North Africa can lead growth as family size shrinks, debt fears recede

By David Whitehouse

Posted on Monday, 13 September 2021 12:59
African leaders at the G20 Compact with Africa meeting in Berlin, August 27, 2021. REUTERS/Michele Tantussi

Signs that an African debt crisis has been averted and the prospect of a demographic shift to smaller family sizes mean that North Africa can lead a period of rapid economic growth across the continent, Charles Robertson, chief economist at Renaissance Capital, tells The Africa Report.

North Africa, which is well supplied with power, is the first region likely to industrialise, led by Morocco and Egypt, Robertson says in London.

Robertson challenges the conventional wisdom that a young workforce is necessarily a good thing. More important, he argues, is how many children those young people are going to have. A family size of five or children, he says, means that all of a family’s income has to be used to meet immediate needs. That makes it impossible for a large savings pool to be created, meaning that banks are unable to cheaply finance either the private sector or government.
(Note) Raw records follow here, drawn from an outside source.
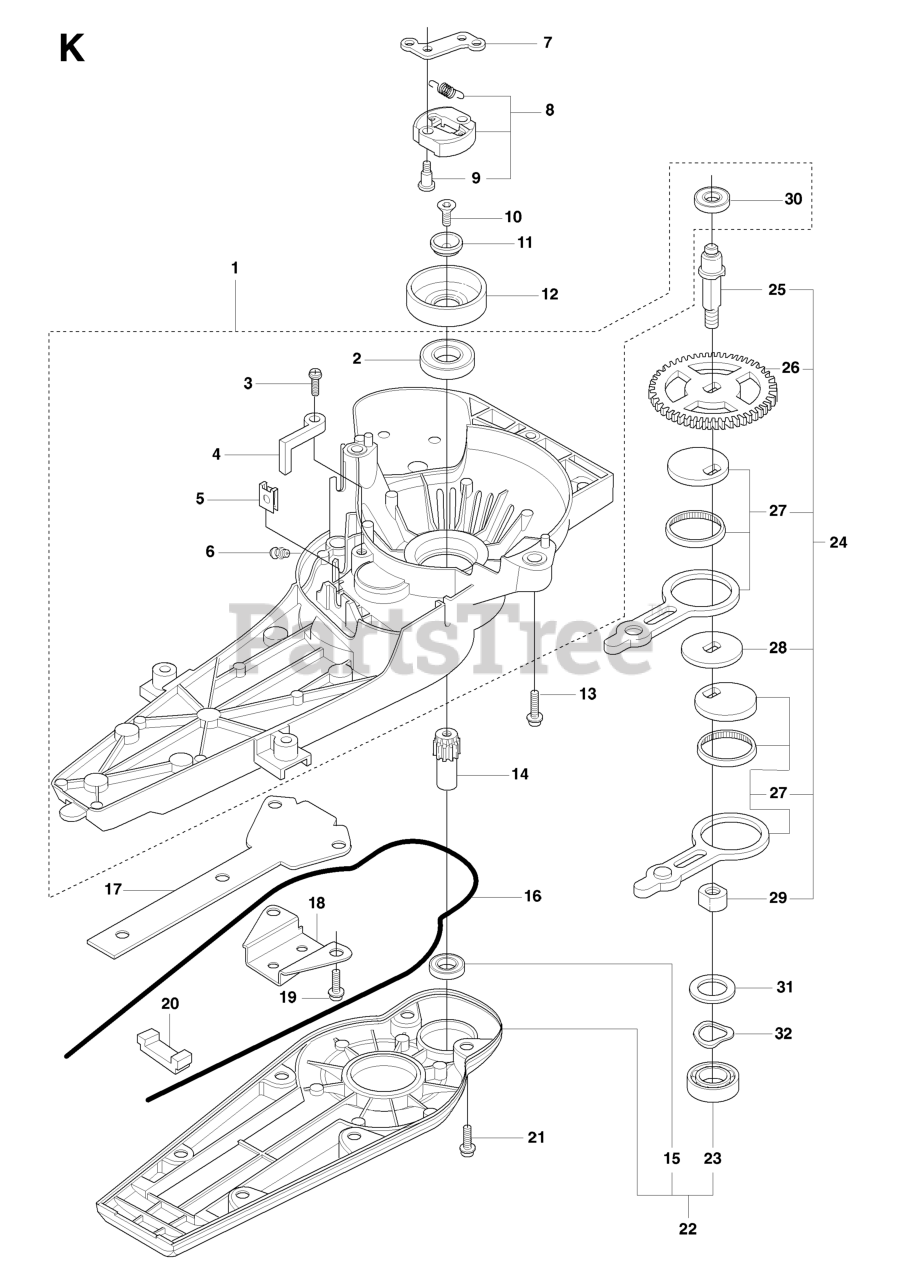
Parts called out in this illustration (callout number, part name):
1	GEAR HOUSING
2	BALL BEARING 6002-2RS1
6	GREASE NIPPLE
7	CLUTCH YOKE
8	CLUTCH CPL
12	CLUTCH DRUM
13	SCREW W/ LOCKING FLUID
27	CONNECTING ROD
30	BALL BEARING
31	WASHER 15X24

Rapid economic growth in Asia in the second half of the twentieth century, Robertson argues, was made possible by small family sizes. With family sizes of less than three, the ratio of bank deposits to GDP takes off. Today, he says, Morocco already has families small enough to foster economic growth. Egypt, Ethiopia, Ghana and Kenya all have fertility rates which may drop below three children within five to 15 years, so cutting the cost of borrowing.

  • “By the 2040s, most of the continent will have seen enough of a demographic shift to be consistent with higher per capita GDP growth,”  according to research from Robertson in September.
  • “We believe Africa will be a $29trn economy by 2050-60, larger than the 2012 combined GDP of the US and Eurozone.”

Infrastructure gap

The challenge, Robertson argues, is to close Africa’s infrastructure gap and ensure that countries with high family sizes are not left in extreme poverty for decades until the needed demographic changes take place. Businesses need basic infrastructure to be able to operate, and per head incomes of $2,500 to $3,000 are needed before the private sector can help countries towards middle-income status, he says.

He is encouraged by the International Monetary Fund (IMF) decision in August to make about $650bn in Special Drawing Rights (SDRs) available. The SDRs are “a very belated response” to Covid-19, taking about as long as the response to the Great Financial Crisis which started in 2008, Robertson says.

  • The IMF used SDRs to stabilise global financial conditions in 2009.
  • The value of SDRs is based on a basket of leading currencies, the US dollar, euro, yuan, yen and sterling. Countries can exchange their SDRs for hard currencies with other IMF members.
  • About $34bn will be made available to Africa in the first round, with $65bn or more that could follow later.

That money, Robertson says, could help with infrastructure, digitalisation and the shift to renewable energy sources. The SDR decision has “changed the tenor of the debate on African debt” away from concerns over where the next default might occur, and has “ended most concerns about a debt crisis in Africa,” Robertson says. “Sub-Saharan borrowers now look safer on a 12-month view.”

Bottom line

Robertson sees changing demographics as the game changer for African growth prospects.